天武公主一怔,瞪大眼睛看著紀云開,一時間不知該怎么接這話……
她沒有想到紀云開的臉皮這么厚,這種話她居然臉不紅氣不喘的說了出來,她還要臉嗎?
周邊的夫人聽到紀云開的回答,一個個咬唇悶笑,肩膀抖的厲害,可見他們憋笑憋的多痛苦。
就在這時,一向風度翩翩,清貴俊雅的鳳祁,突然笑了出來:“哈哈哈……小師妹果然是小師妹,難怪師父回去后每次提起你,都笑的合不攏嘴。”
鳳祁一笑,旁人也顧不得失不失禮,一個個也跟著笑了出聲:“我今天才知燕北王妃這么有意思,燕北王妃這話說的再對不過了。”
“燕北王妃可真正是個妙人,別說在這里,就是這天下也只有一個燕北王妃,燕北王妃便是帶面具又如何?”
……
因宮宴的事,紀云開跟宗室的王妃、郡王妃、公主們的關系都不錯,見皇上并無針對紀云開的意思,這些人也不介意賣紀云開一個好。
眾人一言我一語,很快就把天武公主的聲音壓了下去,天武公主站在紀云開面前,臉色一時紅一時白,說不出來的精彩。
然,就在眾人以為她會就此放棄之際,她又開口了:“這么說,燕北王妃是不愿意把面具摘下來了?”
為了壓下眾人的話,天武公主這話說的又急又尖銳。紀云開臉上的笑容瞬間收了起來,放下酒杯,眼神冰冷:“我為什么要把面具摘下來?你是什么東西?”

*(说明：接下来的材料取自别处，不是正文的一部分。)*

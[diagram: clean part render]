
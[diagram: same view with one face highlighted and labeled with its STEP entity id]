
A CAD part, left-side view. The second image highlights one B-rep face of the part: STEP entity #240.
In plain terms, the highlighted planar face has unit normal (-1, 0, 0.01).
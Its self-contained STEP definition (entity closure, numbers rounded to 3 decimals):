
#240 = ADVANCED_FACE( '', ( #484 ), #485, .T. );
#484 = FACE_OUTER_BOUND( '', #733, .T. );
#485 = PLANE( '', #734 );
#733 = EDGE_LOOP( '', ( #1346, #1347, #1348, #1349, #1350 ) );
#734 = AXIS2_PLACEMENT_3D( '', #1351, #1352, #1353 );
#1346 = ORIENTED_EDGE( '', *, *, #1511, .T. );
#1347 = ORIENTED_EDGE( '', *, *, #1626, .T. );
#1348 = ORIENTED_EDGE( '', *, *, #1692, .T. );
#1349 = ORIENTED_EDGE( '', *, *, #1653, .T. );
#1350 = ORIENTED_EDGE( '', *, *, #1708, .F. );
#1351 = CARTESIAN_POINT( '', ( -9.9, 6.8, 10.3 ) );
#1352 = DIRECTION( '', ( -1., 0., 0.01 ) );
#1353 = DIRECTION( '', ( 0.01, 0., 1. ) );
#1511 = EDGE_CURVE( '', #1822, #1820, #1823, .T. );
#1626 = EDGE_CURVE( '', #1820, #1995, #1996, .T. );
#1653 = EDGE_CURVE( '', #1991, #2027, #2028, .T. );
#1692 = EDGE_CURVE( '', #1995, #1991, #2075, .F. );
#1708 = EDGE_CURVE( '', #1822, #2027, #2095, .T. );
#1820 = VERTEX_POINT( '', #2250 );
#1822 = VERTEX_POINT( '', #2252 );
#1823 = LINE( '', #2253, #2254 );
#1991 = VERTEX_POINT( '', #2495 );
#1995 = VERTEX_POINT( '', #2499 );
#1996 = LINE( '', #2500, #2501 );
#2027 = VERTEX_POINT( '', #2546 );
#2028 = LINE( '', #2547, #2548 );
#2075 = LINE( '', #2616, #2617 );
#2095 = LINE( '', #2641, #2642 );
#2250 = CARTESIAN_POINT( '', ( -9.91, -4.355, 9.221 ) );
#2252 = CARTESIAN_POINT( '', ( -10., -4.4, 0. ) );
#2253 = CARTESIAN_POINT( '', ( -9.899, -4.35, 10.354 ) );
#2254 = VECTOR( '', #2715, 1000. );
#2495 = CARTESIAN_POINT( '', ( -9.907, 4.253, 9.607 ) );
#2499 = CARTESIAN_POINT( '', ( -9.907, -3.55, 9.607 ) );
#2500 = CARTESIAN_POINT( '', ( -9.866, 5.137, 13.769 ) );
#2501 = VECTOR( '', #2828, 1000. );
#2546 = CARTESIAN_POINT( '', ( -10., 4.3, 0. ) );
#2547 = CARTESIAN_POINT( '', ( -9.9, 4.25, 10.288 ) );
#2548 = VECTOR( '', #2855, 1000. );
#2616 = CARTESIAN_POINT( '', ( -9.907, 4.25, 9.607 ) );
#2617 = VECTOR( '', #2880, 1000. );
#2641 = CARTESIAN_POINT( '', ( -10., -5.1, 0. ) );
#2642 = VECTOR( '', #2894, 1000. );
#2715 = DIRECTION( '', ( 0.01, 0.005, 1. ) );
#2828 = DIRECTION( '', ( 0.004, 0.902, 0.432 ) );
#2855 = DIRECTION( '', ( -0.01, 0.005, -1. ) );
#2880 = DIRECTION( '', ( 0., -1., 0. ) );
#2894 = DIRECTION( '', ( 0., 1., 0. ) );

“你……”天武公主被堵的一句話都說不出來,指著紀云開,眼眶頓時就氣紅了。
她長這么大,還沒有被人當眾下過臉。
在這么多人面前,紀云開說話這么沖,叫她怎么下臺?
紀云開不慌不忙的站了起來,慢條斯禮的拂了拂衣服上的褶子,看著天武公主,不急不慌的格開她的手:“公主,我不喜歡被人指著,還有……你擋著我的光了。”
“你,你,你……”天武公主氣的話也說不出來,一口氣險些沒有喘過來。
“我很好,不勞公主擔心,公主你的位置備好了,你該入席了。”天武公主一進來,就有小太監在右首側為天武公主安置了一個位置。
“紀云開,你可知……”天武公主正想拿身份壓人,殿外就響起了太監的尖銳的喊聲:“皇上駕到,貴妃娘娘駕到。”
皇上到了,天武公主和紀云開之間就是有再大的爭執,這個時候也要停下來。
“公主,抱歉了……”紀云開冷淡地抬眸掃了天武公主一眼,便側身上前一步,站在天武公主面前,隨眾人一同跪下,迎接皇上和紀貴妃。
“吾皇萬歲萬歲萬萬歲。”隨著殿中所有人跪下相迎,皇上攜著紀瀾走了進來。
紀云開低著頭,耳邊盡是萬歲、千歲的聲音,根本不知皇上走到哪了,直到一片明黃的衣擺出現在眼前,紀云開才知皇上在她面前停下來了。
當然,與皇上一起站在她面前的還有紀瀾。
“眾位都平身吧。”皇上并沒有讓眾人久跪,即使他此刻還未在龍椅上坐下。
眾人起身,皇上才開口問道:“這是怎么了?天武公主怎么還不入座?”
皇上自然知道天武公主定是找紀云開的茬了,但找茬找到他這個皇上來了都不收手,那就是蠢了。
天武公主的臉色很難看,努力扯出了一抹僵硬的笑:“我與燕北王妃說話,一時忘情,還請皇上見諒。”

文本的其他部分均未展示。